What you need to do. For every record below, repeat the text exactly and pass over any image.

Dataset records
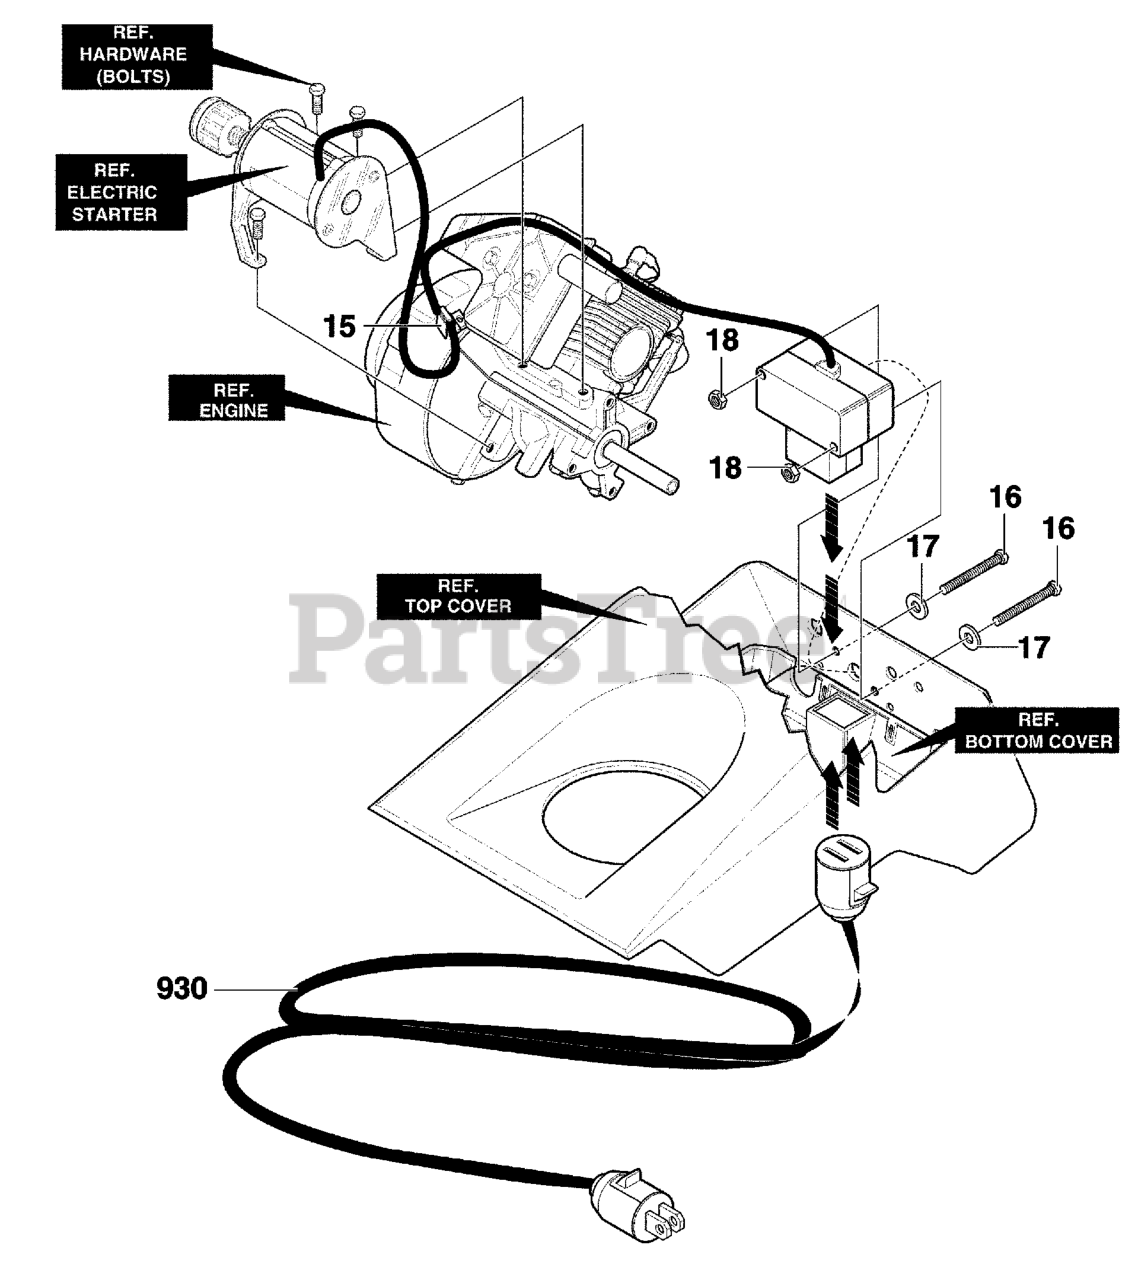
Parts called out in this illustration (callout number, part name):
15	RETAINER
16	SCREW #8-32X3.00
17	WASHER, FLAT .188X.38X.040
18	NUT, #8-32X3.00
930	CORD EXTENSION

Answer.
Parts called out in this illustration (callout number, part name):
15	RETAINER
16	SCREW #8-32X3.00
17	WASHER, FLAT .188X.38X.040
18	NUT, #8-32X3.00
930	CORD EXTENSION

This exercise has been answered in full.